We can pretend that the work done is $i$, so we can pretend that

\[0 + 1 + 2 + 4 + 8 + ... + i\]evaluates to $i$. It does not (clearly). But, since we’re doing asymptotics, we can do weird things like this. Bear with me for now.

So $f(i) = i$.

Now we do the single loop stuff and get this summation:

\[1 + 2 + 3 + 4 + ... + N\]You’ve seen this many times now. It’s simply $\Theta(N^2)$.

So `dloop2`

has an asymptotic runtime of $\Theta(N^2)$.
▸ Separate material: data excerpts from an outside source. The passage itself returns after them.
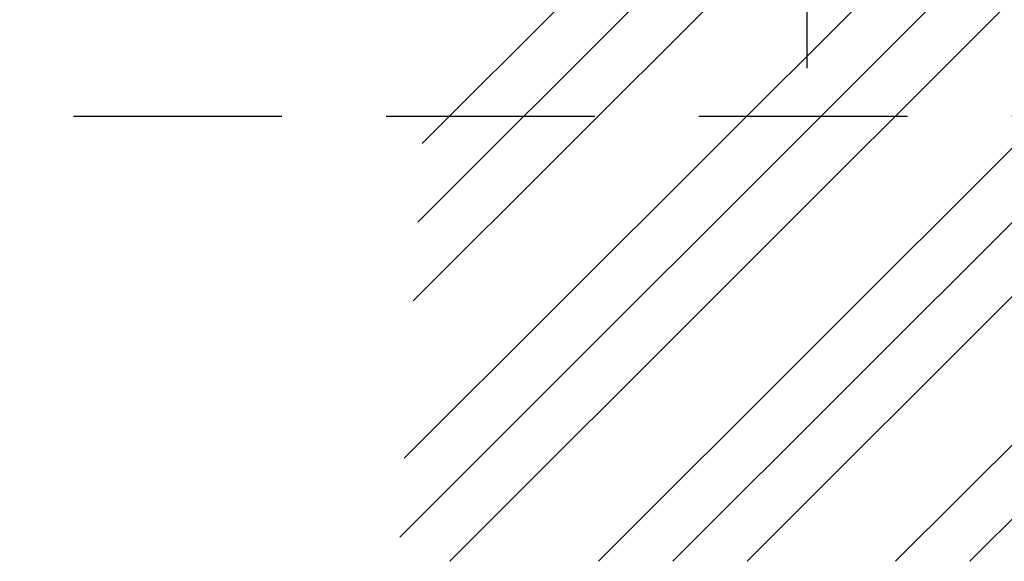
# Model space of a CAD drawing. Header units: millimetres. Extents: x 295996 to 512960, y -33037 to 76497.
# Tile 6 of 256: x 358217 to 361215, y 48149 to 49800. Entities that reach past the tile are written whole.
import ezdxf

# ---------------------------------------------------------------- set-up
doc = ezdxf.new("R2010")
doc.units = ezdxf.units.MM
doc.header["$LTSCALE"] = 0.25
doc.linetypes.add('DASHDOT', pattern=[25.4, 12.7, -6.35, 0, -6.35])
doc.linetypes.add('DASHED', pattern=[19.05, 12.7, -6.35])
doc.layers.add('IN_C_CARKOVANA', color=7, linetype='DASHED')
doc.layers.add('IN_C_OSA', color=6, linetype='DASHDOT')
doc.layers.add('IN_SRAFY', color=8, linetype='Continuous', lineweight=9)

msp = doc.modelspace()

# ---------------------------------------------------------------- hatches: boundary and pattern name
at = {"layer": 'IN_SRAFY'}
h = msp.add_hatch(dxfattribs=at)
h.set_pattern_fill('ZEM_PUVODNI', color=256, scale=160, pattern_type=2)
h.set_pattern_definition([(45, (85538.06, 160183.7), (-452.5483, 452.5483), []), (45, (85764.33, 160183.7), (-452.5483, 452.5483), []), (45, (85990.6, 160183.7), (-452.5483, 452.5483), [])])
h.paths.add_polyline_path([(359485.34818, 50184.76761), (359370.3578, 48148.66014), (376480.88241, 48148.66014), (376480.88241, 50029.76758), (375216.19208, 50029.76758), (374855.34818, 49404.76761), (374155.34818, 49404.76761), (373705.01497, 50184.76761)])

# ---------------------------------------------------------------- linework, layer by layer
at = {"layer": 'IN_C_CARKOVANA', "ltscale": 200}
msp.add_line((374255.34818, 49504.76761), (352815.34906, 49504.76761), dxfattribs=at)
at = {"layer": 'IN_C_OSA', "color": 4, "ltscale": 1000}
msp.add_line((360615.34906, 49651.90392), (360615.34906, 59601.90392), dxfattribs=at)

doc.saveas('drawing.dxf')

Back to the weirdness of earlier. We said that since $f(i) \in \Theta(i)$ that $f(i) = i$. This is not generally true, but for asymptotics we can just say this. If $f(i)$ was actually $10i$, we’d get the same answer. Go ahead, plug it in if you don’t believe me. So this is a **shortcut**.

### Double Loop 3

Final one:

```
public void dLoop3(int N) {
for (int i = 1; i < N * N; i = i + 1) {
for (int j = 1; j < Math.sqrt(i); j = j + 1) {
int[] x = new int[j];
}
}
}
```

Step 1 is to find the work done of the inner loop as a function of $i$.

```
for (int j = 1; j < Math.sqrt(i); j = j + 1) {
int[] x = new int[j];
}
```

EDIT: in an earlier (wrong) version of this guide, the update was instead `j = j * 2`

which lead to a weird sum that you’re not expected to know how to simplify (I don’t know how to simplify it either).

I’ll again skip the steps and go straight to the summation, but you should do it from the start. Practice makes better.

\[1 + 2 + 3 + 4 + ... + \sqrt{i}\]Which we know is $\Theta((\sqrt{i})^2) = \Theta(i)$, and we’ll do the same shortcut to say that $f(i) = i$.

Now, with the outer loop we’ll use this function $f(i) = i$ and we get the summation:

\[1 + 2 + 3 + 4 + ... + N^2\]This is an arithmetic summation, so we take the last term, square it, and throw a $\Theta$ on it.
Thus, `dLoop3`

has a running time that is $\Theta((N^2)^2) = \Theta(N^4)$.

I hope you see that this is really not that bad. It’s just sticking to the rules.

### Summary of double loop Java methods

We learned a strategy for approaching these.

- Figure out the work done in the inner loop as a function of $i$. Call this $f(i)$.
- Use this $f(i)$ with the outer loop and the same exact process

Unlike singe loops, you’ll likely **not** be able to look at a double loop and instantly tell what its runtime is. That’s OK. Whenever I do double loops I always write it out since it’s so easy to make. a mistake if you try to do it in your head. The process is tried and tested, so just practice using it and you’ll always get these ones right.

You should now appreciate the way we did single loops. It made double loops so much easier. You could even do triple, quadruple, and more loops. But … that’s super annoying. I’m not saying it’s out of scope for any exam since it’s basically the same thing as a double loop, I’m just saying it’s annoying.

You should try a few functions before moving onto the next section. Just like with single loops, try making your own functions with different $f, g$ functions and different ways to increment $i$. You’re more likely to run into summations that you don’t know how to simplify, and you should either ask a TA/friend/post on Ed or just leave it.

That’s it for nested loop asymptotics questions. You are now certified to do loop problems and teach your friends too as that is the absolute best way to learn. Next up is recursion!